[THE TASK]
Retype only what runs from the first line of the records to the line with "doc.units = 0", inclusive, and no pictures.

[PROVIDED RECORDS]
= = = = =
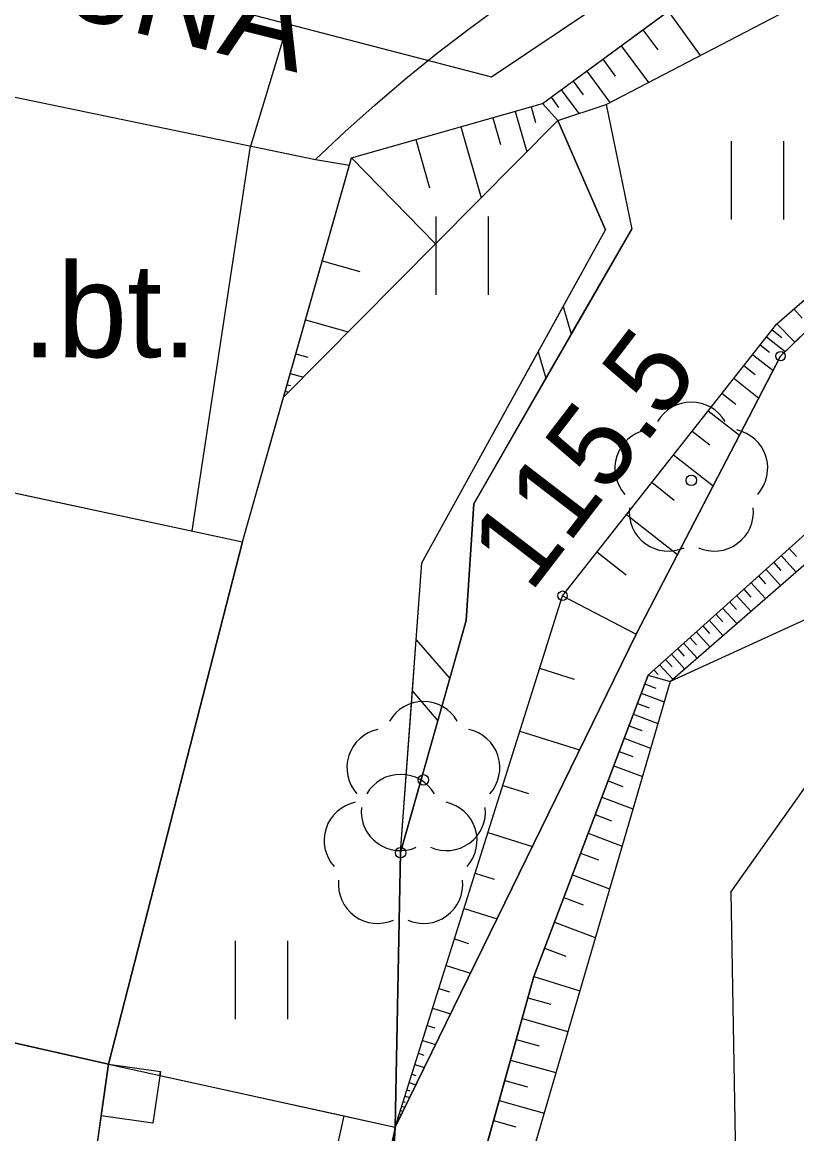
# Model space of a CAD drawing. Extents: x 6434771 to 6436222, y 5663454 to 5664782.
# Drawn here: x 6434919.55 to 6434926.97, y 5664029.23 to 5664039.87 of the extents above; entities that cross this region are included whole.
import ezdxf

# ---------------------------------------------------------------- set-up
doc = ezdxf.new("R2010")
doc.units = 0
for name, color, linetype in [('Warstwa 1', 7, 'Continuous'), ('Warstwa 10', 7, 'Continuous'), ('Warstwa 11', 7, 'Continuous'), ('Warstwa 12', 7, 'Continuous'), ('Warstwa 13', 7, 'Continuous'), ('Warstwa 2', 7, 'Continuous'), ('Warstwa 20', 7, 'Continuous'), ('Warstwa 21', 7, 'Continuous'), ('Warstwa 33', 7, 'Continuous'), ('Warstwa 5', 7, 'Continuous'), ('Warstwa 51', 7, 'Continuous'), ('Warstwa 8', 7, 'Continuous'), ('Warstwa 9', 7, 'Continuous')]:
    doc.layers.add(name, color=color, linetype=linetype)

msp = doc.modelspace()

# ---------------------------------------------------------------- linework, layer by layer
at = {"layer": 'Warstwa 1'}
for q in [(6434931.371, 5664038.648), (6434926.577, 5664017.347)]:
    msp.add_line((6434926.337, 5664031.543), q, dxfattribs=at)
for points in [[(6434917.94, 5664035.694), (6434921.661, 5664034.898), (6434920.38, 5664029.894), (6434916.633, 5664030.739)], [(6434911.812, 5664031.828), (6434920.38, 5664029.894), (6434918.982, 5664020.154), (6434921.832, 5664020.166), (6434921.856, 5664014.645), (6434919.005, 5664014.634), (6434920.397, 5664004.883), (6434911.753, 5664002.928), (6434910.828, 5664006.639), (6434910.117, 5664010.758), (6434909.494, 5664014.626), (6434909.488, 5664017.416), (6434909.44, 5664020.046), (6434910.163, 5664023.638), (6434910.979, 5664028.218)]]:
    msp.add_lwpolyline(points, close=True, dxfattribs=at)
at = {"layer": 'Warstwa 10'}
for p, q in [((6434925.142, 5664039.086), (6434929.479, 5664041.344)), ((6434924.532, 5664039.094), (6434926.338, 5664040.422)), ((6434925.735, 5664039.978), (6434926.044, 5664039.556)), ((6434925.494, 5664039.802), (6434925.636, 5664039.609)), ((6434925.288, 5664039.649), (6434925.547, 5664039.297)), ((6434925.11, 5664039.52), (6434925.23, 5664039.357)), ((6434924.958, 5664039.406), (6434925.179, 5664039.106)), ((6434924.826, 5664039.31), (6434924.924, 5664039.178)), ((6434924.712, 5664039.226), (6434924.88, 5664038.998)), ((6434922.705, 5664038.576), (6434924.532, 5664039.094)), ((6434924.532, 5664039.094), (6434924.68, 5664038.932)), ((6434924.68, 5664038.932), (6434924.532, 5664039.094)), ((6434924.615, 5664039.156), (6434924.688, 5664039.057)), ((6434924.68, 5664038.932), (6434925.142, 5664039.086)), ((6434924.273, 5664039.02), (6434924.383, 5664038.632)), ((6434924.424, 5664039.063), (6434924.467, 5664038.912)), ((6434923.515, 5664037.757), (6434924.68, 5664038.932)), ((6434923.753, 5664038.873), (6434923.946, 5664038.192)), ((6434924.058, 5664038.959), (6434924.13, 5664038.704)), ((6434923.321, 5664038.75), (6434923.453, 5664038.289)), ((6434922.054, 5664036.284), (6434922.705, 5664038.576)), ((6434922.705, 5664038.576), (6434923.509, 5664037.752)), ((6434925.546, 5664033.621), (6434930.763, 5664038.318)), ((6434925.755, 5664033.559), (6434930.9, 5664038.046)), ((6434922.054, 5664036.284), (6434923.515, 5664037.757)), ((6434922.425, 5664037.588), (6434922.785, 5664037.486)), ((6434922.264, 5664037.023), (6434922.673, 5664036.907)), ((6434922.171, 5664036.697), (6434922.286, 5664036.665)), ((6434922.119, 5664036.51), (6434922.244, 5664036.474)), ((6434922.07, 5664036.339), (6434922.101, 5664036.331)), ((6434922.088, 5664036.402), (6434922.121, 5664036.393)), ((6434922.061, 5664036.304), (6434922.066, 5664036.302)), ((6434926.893, 5664034.835), (6434926.965, 5664034.756)), ((6434926.819, 5664034.767), (6434926.96, 5664034.61)), ((6434926.672, 5664034.634), (6434926.811, 5664034.48)), ((6434926.745, 5664034.701), (6434926.815, 5664034.623)), ((6434926.529, 5664034.507), (6434926.668, 5664034.355)), ((6434926.6, 5664034.57), (6434926.669, 5664034.494)), ((6434926.46, 5664034.444), (6434926.528, 5664034.368)), ((6434926.325, 5664034.323), (6434926.392, 5664034.248)), ((6434926.392, 5664034.383), (6434926.527, 5664034.232)), ((6434926.194, 5664034.204), (6434926.26, 5664034.13)), ((6434926.258, 5664034.263), (6434926.393, 5664034.115)), ((6434926.067, 5664034.091), (6434926.132, 5664034.018)), ((6434926.13, 5664034.147), (6434926.261, 5664034)), ((6434925.945, 5664033.98), (6434926.009, 5664033.909)), ((6434926.006, 5664034.035), (6434926.135, 5664033.891)), ((6434925.826, 5664033.874), (6434925.89, 5664033.803)), ((6434925.884, 5664033.926), (6434926.013, 5664033.783)), ((6434925.711, 5664033.77), (6434925.775, 5664033.7)), ((6434925.768, 5664033.821), (6434925.894, 5664033.681)), ((6434925.6, 5664033.67), (6434925.641, 5664033.625)), ((6434925.655, 5664033.72), (6434925.78, 5664033.58)), ((6434925.546, 5664033.621), (6434925.755, 5664033.559)), ((6434925.546, 5664033.621), (6434925.755, 5664033.559))]:
    msp.add_line(p, q, dxfattribs=at)
at = {"layer": 'Warstwa 11'}
msp.add_lwpolyline([(6434966.756, 5664003.6), (6434966.415, 5664007.644), (6434965.276, 5664011.028), (6434962.407, 5664016.883), (6434961.412, 5664023.136), (6434959.23, 5664027.952), (6434956.702, 5664030.613), (6434952.189, 5664033.718), (6434942.648, 5664038.634), (6434938.947, 5664040.259), (6434935.85, 5664038.056), (6434933.246, 5664036.108), (6434929.415, 5664035.234), (6434925.755, 5664033.559), (6434924.242, 5664028.377), (6434923.988, 5664023.91), (6434923.741, 5664023.373), (6434924.496, 5664011.353), (6434925.122, 5664008.575), (6434925.857, 5664004.846)], dxfattribs=at)
for centre in [(6434925.958, 5664035.486), (6434923.393, 5664032.617), (6434923.175, 5664031.92)]:
    msp.add_circle(centre, 0.05, dxfattribs=at)
for centre, start, end in [((6434925.958, 5664035.861), 30.1471, 149.8529), ((6434925.601, 5664035.602), 102.1471, 221.8529), ((6434926.315, 5664035.602), 318.1471, 77.8529), ((6434925.738, 5664035.183), 174.1471, 293.8529), ((6434926.178, 5664035.183), 246.1471, 5.8529), ((6434923.393, 5664032.992), 30.1471, 149.8529), ((6434923.036, 5664032.733), 102.1471, 221.8529), ((6434923.75, 5664032.733), 318.1471, 77.8529), ((6434923.175, 5664032.295), 30.1471, 149.8529), ((6434922.818, 5664032.036), 102.1471, 221.8529), ((6434923.532, 5664032.036), 318.1471, 77.8529), ((6434923.173, 5664032.314), 174.1471, 293.8529), ((6434923.613, 5664032.314), 246.1471, 5.8529), ((6434922.955, 5664031.617), 174.1471, 293.8529), ((6434923.395, 5664031.617), 246.1471, 5.8529)]:
    msp.add_arc(centre, 0.375, start, end, dxfattribs=at)
at = {"layer": 'Warstwa 12'}
for points in [[(6434921.179, 5664035.001), (6434921.736, 5664038.668), (6434924.809, 5664048.81)], [(6434916.87, 5664040.657), (6434919.588, 5664040.514), (6434924.045, 5664039.35), (6434927.322, 5664041.55), (6434931.207, 5664042.783), (6434934.74, 5664042.98), (6434942.258, 5664041.148), (6434950.666, 5664036.716), (6434956.042, 5664033.861), (6434958.491, 5664032.141), (6434963.807, 5664027.637), (6434974.145, 5664019.101)]]:
    msp.add_lwpolyline(points, dxfattribs=at)
at = {"layer": 'Warstwa 13'}
for centre in [(6434926.813, 5664036.676), (6434924.725, 5664034.381)]:
    msp.add_circle(centre, 0.045, dxfattribs=at)
at = {"layer": 'Warstwa 2'}
msp.add_lwpolyline([(6434921.661, 5664034.898), (6434922.705, 5664038.576), (6434924.532, 5664039.094), (6434926.338, 5664040.422), (6434928.301, 5664041.518), (6434930.459, 5664042.152), (6434933.603, 5664042.424), (6434935.842, 5664042.316), (6434938.067, 5664041.859), (6434940.24, 5664041.293), (6434942.361, 5664040.517), (6434946.478, 5664038.627), (6434952.38, 5664035.426), (6434958.066, 5664031.766), (6434964.917, 5664026.013)], dxfattribs=at)
at = {"layer": 'Warstwa 20'}
for p, q in [((6434924.532, 5664039.094), (6434926.338, 5664040.422)), ((6434922.705, 5664038.576), (6434924.532, 5664039.094)), ((6434922.054, 5664036.284), (6434922.705, 5664038.576)), ((6434925.546, 5664033.621), (6434930.763, 5664038.318))]:
    msp.add_line(p, q, dxfattribs=at)
for points in [[(6434923.123, 5664029.29), (6434924.725, 5664034.381), (6434926.776, 5664036.986), (6434930.011, 5664039.797)], [(6434925.546, 5664033.621), (6434924.451, 5664030.734), (6434923.907, 5664028.791), (6434923.383, 5664023.537), (6434924.334, 5664011.185), (6434924.872, 5664008.518), (6434925.668, 5664004.869), (6434925.2, 5664002.574), (6434924.237, 5663999.066), (6434924.128, 5663997.437), (6434924.248, 5663995.845)], [(6434921.832, 5664020.166), (6434923.123, 5664029.29)]]:
    msp.add_lwpolyline(points, dxfattribs=at)
at = {"layer": 'Warstwa 21'}
for p, q in [((6434925.142, 5664039.086), (6434929.479, 5664041.344)), ((6434924.68, 5664038.932), (6434925.142, 5664039.086)), ((6434923.515, 5664037.757), (6434924.68, 5664038.932)), ((6434925.755, 5664033.559), (6434930.9, 5664038.046)), ((6434922.054, 5664036.284), (6434923.515, 5664037.757))]:
    msp.add_line(p, q, dxfattribs=at)
for points in [[(6434930.011, 5664039.797), (6434926.813, 5664036.676), (6434925.43, 5664034.013), (6434923.123, 5664029.29)], [(6434925.755, 5664033.559), (6434924.242, 5664028.377), (6434923.988, 5664023.91), (6434923.741, 5664023.373), (6434924.496, 5664011.353), (6434925.122, 5664008.575), (6434925.857, 5664004.846), (6434925.409, 5664002.512), (6434924.476, 5663998.973), (6434924.338, 5663997.464), (6434924.499, 5663995.882)], [(6434923.123, 5664029.29), (6434922.795, 5664023.654), (6434921.832, 5664020.166)]]:
    msp.add_lwpolyline(points, dxfattribs=at)
at = {"layer": 'Warstwa 33'}
for p, q in [((6434918.982, 5664020.154), (6434920.38, 5664029.894)), ((6434920.38, 5664029.894), (6434923.123, 5664029.29)), ((6434921.832, 5664020.166), (6434923.123, 5664029.29))]:
    msp.add_line(p, q, dxfattribs=at)
for points in [[(6434920.875, 5664029.823), (6434920.804, 5664029.328), (6434920.309, 5664029.399), (6434920.38, 5664029.894)], [(6434923.015, 5664028.802), (6434922.527, 5664028.91), (6434922.635, 5664029.398), (6434923.123, 5664029.29)]]:
    msp.add_lwpolyline(points, close=True, dxfattribs=at)
at = {"layer": 'Warstwa 5'}
for p, q in [((6434925.142, 5664039.086), (6434929.479, 5664041.344)), ((6434924.532, 5664039.094), (6434926.338, 5664040.422)), ((6434923.834, 5664039.815), (6434924.147, 5664040.044)), ((6434923.527, 5664039.579), (6434923.834, 5664039.815)), ((6434926.776, 5664036.986), (6434930.011, 5664039.797)), ((6434926.813, 5664036.676), (6434930.011, 5664039.797)), ((6434923.226, 5664039.335), (6434923.527, 5664039.579)), ((6434922.931, 5664039.083), (6434923.226, 5664039.335)), ((6434922.642, 5664038.825), (6434922.931, 5664039.083)), ((6434922.705, 5664038.576), (6434924.532, 5664039.094)), ((6434925.142, 5664039.086), (6434925.387, 5664037.893)), ((6434923.515, 5664037.757), (6434924.68, 5664038.932)), ((6434924.68, 5664038.932), (6434925.137, 5664037.886)), ((6434922.359, 5664038.559), (6434922.642, 5664038.825)), ((6434926.344, 5664037.984), (6434926.344, 5664038.734)), ((6434926.844, 5664037.984), (6434926.844, 5664038.734)), ((6434922.359, 5664038.559), (6434922.685, 5664038.505)), ((6434922.685, 5664038.505), (6434922.705, 5664038.576)), ((6434925.546, 5664033.621), (6434930.763, 5664038.318)), ((6434923.515, 5664037.262), (6434923.515, 5664038.012)), ((6434924.015, 5664037.262), (6434924.015, 5664038.012)), ((6434924.732, 5664037.152), (6434925.137, 5664037.886)), ((6434924.809, 5664036.886), (6434925.387, 5664037.893)), ((6434922.054, 5664036.284), (6434923.515, 5664037.757)), ((6434924.493, 5664036.718), (6434924.732, 5664037.152)), ((6434924.725, 5664034.381), (6434926.776, 5664036.986)), ((6434924.566, 5664036.464), (6434924.809, 5664036.886)), ((6434923.378, 5664034.697), (6434924.493, 5664036.718)), ((6434925.43, 5664034.013), (6434926.813, 5664036.676)), ((6434923.875, 5664035.261), (6434924.566, 5664036.464)), ((6434921.661, 5664034.898), (6434922.054, 5664036.284)), ((6434923.802, 5664034.142), (6434923.875, 5664035.261)), ((6434920.38, 5664029.894), (6434921.661, 5664034.898)), ((6434923.324, 5664033.959), (6434923.378, 5664034.697)), ((6434923.123, 5664029.29), (6434924.725, 5664034.381)), ((6434923.645, 5664033.587), (6434923.802, 5664034.142)), ((6434923.123, 5664029.29), (6434925.43, 5664034.013)), ((6434923.288, 5664033.466), (6434923.324, 5664033.959)), ((6434923.532, 5664033.184), (6434923.645, 5664033.587)), ((6434924.451, 5664030.734), (6434925.546, 5664033.621)), ((6434923.175, 5664031.92), (6434923.288, 5664033.466)), ((6434923.175, 5664031.92), (6434923.532, 5664033.184)), ((6434923.123, 5664029.29), (6434923.175, 5664031.92)), ((6434923.123, 5664029.29), (6434923.175, 5664031.92)), ((6434921.594, 5664030.324), (6434921.594, 5664031.074)), ((6434922.094, 5664030.324), (6434922.094, 5664031.074)), ((6434923.907, 5664028.791), (6434924.451, 5664030.734)), ((6434920.38, 5664029.894), (6434920.875, 5664029.823)), ((6434920.87, 5664029.786), (6434920.875, 5664029.823)), ((6434920.87, 5664029.786), (6434922.635, 5664029.398)), ((6434922.635, 5664029.398), (6434923.123, 5664029.29)), ((6434922.795, 5664023.654), (6434923.123, 5664029.29))]:
    msp.add_line(p, q, dxfattribs=at)
at = {"layer": 'Warstwa 51'}
for p, q in [((6434924.732, 5664037.152), (6434924.809, 5664036.886)), ((6434924.493, 5664036.718), (6434924.566, 5664036.464)), ((6434923.324, 5664033.959), (6434923.645, 5664033.587)), ((6434923.288, 5664033.466), (6434923.531, 5664033.184))]:
    msp.add_line(p, q, dxfattribs=at)
msp.add_lwpolyline([(6434923.123, 5664029.29), (6434923.175, 5664031.92), (6434923.378, 5664034.697), (6434925.137, 5664037.886), (6434924.68, 5664038.932), (6434925.142, 5664039.086), (6434925.387, 5664037.893), (6434923.875, 5664035.261), (6434923.802, 5664034.142), (6434923.175, 5664031.92), (6434923.123, 5664029.29)], dxfattribs=at)
at = {"layer": 'Warstwa 8'}
for p, q in [((6434918.911, 5664039.273), (6434922.359, 5664038.559)), ((6434922.359, 5664038.559), (6434922.685, 5664038.505)), ((6434921.661, 5664034.898), (6434922.685, 5664038.505)), ((6434917.94, 5664035.694), (6434921.661, 5664034.898))]:
    msp.add_line(p, q, dxfattribs=at)
at = {"layer": 'Warstwa 9'}
for p, q in [((6434923.834, 5664039.815), (6434924.147, 5664040.044)), ((6434923.527, 5664039.579), (6434923.834, 5664039.815)), ((6434923.226, 5664039.335), (6434923.527, 5664039.579)), ((6434922.931, 5664039.083), (6434923.226, 5664039.335)), ((6434918.911, 5664039.273), (6434922.359, 5664038.559)), ((6434922.642, 5664038.825), (6434922.931, 5664039.083)), ((6434922.359, 5664038.559), (6434922.642, 5664038.825)), ((6434926.941, 5664037.129), (6434927.018, 5664037.04)), ((6434926.776, 5664036.986), (6434926.949, 5664036.809)), ((6434926.678, 5664036.86), (6434926.857, 5664036.719)), ((6434926.731, 5664036.928), (6434926.825, 5664036.854)), ((6434926.616, 5664036.783), (6434926.706, 5664036.712)), ((6434926.545, 5664036.692), (6434926.741, 5664036.538)), ((6434926.462, 5664036.586), (6434926.57, 5664036.501)), ((6434926.364, 5664036.463), (6434926.604, 5664036.274)), ((6434926.251, 5664036.32), (6434926.385, 5664036.214)), ((6434926.119, 5664036.152), (6434926.418, 5664035.917)), ((6434925.966, 5664035.957), (6434926.134, 5664035.825)), ((6434925.787, 5664035.73), (6434926.167, 5664035.432)), ((6434925.579, 5664035.467), (6434925.794, 5664035.297)), ((6434925.337, 5664035.159), (6434925.826, 5664034.774)), ((6434925.055, 5664034.8), (6434925.333, 5664034.581)), ((6434924.725, 5664034.381), (6434925.43, 5664034.013)), ((6434924.506, 5664033.686), (6434924.837, 5664033.582)), ((6434925.479, 5664033.447), (6434925.698, 5664033.364)), ((6434925.514, 5664033.537), (6434925.619, 5664033.496)), ((6434925.442, 5664033.349), (6434925.556, 5664033.307)), ((6434925.403, 5664033.246), (6434925.638, 5664033.157)), ((6434925.362, 5664033.135), (6434925.483, 5664033.089)), ((6434924.317, 5664033.085), (6434924.889, 5664032.905)), ((6434925.316, 5664033.016), (6434925.568, 5664032.92)), ((6434925.268, 5664032.889), (6434925.399, 5664032.84)), ((6434925.216, 5664032.753), (6434925.49, 5664032.65)), ((6434925.161, 5664032.608), (6434925.304, 5664032.554)), ((6434924.153, 5664032.564), (6434924.4, 5664032.486)), ((6434925.101, 5664032.452), (6434925.399, 5664032.339)), ((6434925.038, 5664032.284), (6434925.194, 5664032.225)), ((6434924.011, 5664032.114), (6434924.437, 5664031.98)), ((6434924.971, 5664032.106), (6434925.295, 5664031.983)), ((6434924.898, 5664031.914), (6434925.068, 5664031.85)), ((6434923.888, 5664031.723), (6434924.072, 5664031.666)), ((6434924.82, 5664031.709), (6434925.176, 5664031.575)), ((6434924.737, 5664031.49), (6434924.924, 5664031.42)), ((6434923.782, 5664031.385), (6434924.098, 5664031.286)), ((6434924.648, 5664031.255), (6434925.039, 5664031.106)), ((6434923.69, 5664031.093), (6434923.826, 5664031.05)), ((6434924.553, 5664031.004), (6434924.758, 5664030.927)), ((6434923.61, 5664030.839), (6434923.844, 5664030.765)), ((6434924.451, 5664030.734), (6434924.89, 5664030.597)), ((6434923.541, 5664030.619), (6434923.642, 5664030.588)), ((6434924.394, 5664030.531), (6434924.614, 5664030.469)), ((6434923.481, 5664030.429), (6434923.653, 5664030.375)), ((6434923.43, 5664030.264), (6434923.502, 5664030.241)), ((6434924.338, 5664030.331), (6434924.776, 5664030.208)), ((6434923.384, 5664030.121), (6434923.51, 5664030.082)), ((6434924.282, 5664030.131), (6434924.5, 5664030.071)), ((6434923.345, 5664029.998), (6434923.398, 5664029.981)), ((6434924.227, 5664029.934), (6434924.661, 5664029.813)), ((6434923.312, 5664029.89), (6434923.402, 5664029.862)), ((6434923.257, 5664029.718), (6434923.322, 5664029.697)), ((6434923.283, 5664029.798), (6434923.321, 5664029.786)), ((6434924.172, 5664029.739), (6434924.389, 5664029.678)), ((6434923.235, 5664029.648), (6434923.262, 5664029.64)), ((6434923.2, 5664029.536), (6434923.219, 5664029.529)), ((6434923.217, 5664029.587), (6434923.261, 5664029.574)), ((6434924.118, 5664029.546), (6434924.549, 5664029.426)), ((6434923.153, 5664029.388), (6434923.161, 5664029.386)), ((6434923.162, 5664029.417), (6434923.181, 5664029.411)), ((6434923.174, 5664029.451), (6434923.186, 5664029.448)), ((6434923.185, 5664029.491), (6434923.216, 5664029.481)), ((6434923.123, 5664029.29), (6434923.123, 5664029.29)), ((6434923.123, 5664029.29), (6434923.123, 5664029.29)), ((6434923.127, 5664029.304), (6434923.128, 5664029.304)), ((6434923.132, 5664029.321), (6434923.137, 5664029.32)), ((6434923.139, 5664029.34), (6434923.143, 5664029.339)), ((6434923.146, 5664029.362), (6434923.157, 5664029.359)), ((6434924.065, 5664029.355), (6434924.279, 5664029.295))]:
    msp.add_line(p, q, dxfattribs=at)
for points in [[(6434923.123, 5664029.29), (6434924.725, 5664034.381), (6434926.776, 5664036.986), (6434930.011, 5664039.797), (6434926.813, 5664036.676), (6434925.43, 5664034.013)], [(6434924.248, 5663995.845), (6434924.128, 5663997.437), (6434924.237, 5663999.066), (6434925.2, 5664002.574), (6434925.668, 5664004.869), (6434924.872, 5664008.518), (6434924.334, 5664011.185), (6434923.383, 5664023.537), (6434923.907, 5664028.791), (6434924.451, 5664030.734), (6434925.546, 5664033.621), (6434925.755, 5664033.559), (6434924.242, 5664028.377), (6434923.988, 5664023.91), (6434923.741, 5664023.373), (6434924.496, 5664011.353), (6434925.122, 5664008.575), (6434925.857, 5664004.846), (6434925.409, 5664002.512), (6434924.476, 5663998.973), (6434924.338, 5663997.464), (6434924.499, 5663995.882)], [(6434921.832, 5664020.166), (6434923.123, 5664029.29), (6434922.795, 5664023.654)]]:
    msp.add_lwpolyline(points, close=True, dxfattribs=at)

# ---------------------------------------------------------------- texts
at = {"layer": 'Warstwa 13'}
for s, height, rotation, p in [('2eNA', 0.9, 346.055, (6434919.265, 5664040.115)), ('115.5', 0.8, 52.4715, (6434924.417, 5664034.396))]:
    msp.add_text(s, height=height, rotation=rotation, dxfattribs=at).set_placement(p)
at = {"layer": 'Warstwa 8'}
msp.add_text('j.bt.', height=0.9, dxfattribs=at).set_placement((6434919.286, 5664036.665))

doc.saveas('drawing.dxf')
= = = = =
[WRITTEN REPLY]
# Model space of a CAD drawing. Extents: x 6434771 to 6436222, y 5663454 to 5664782.
# Drawn here: x 6434919.55 to 6434926.97, y 5664029.23 to 5664039.87 of the extents above; entities that cross this region are included whole.
import ezdxf

# ---------------------------------------------------------------- set-up
doc = ezdxf.new("R2010")
doc.units = 0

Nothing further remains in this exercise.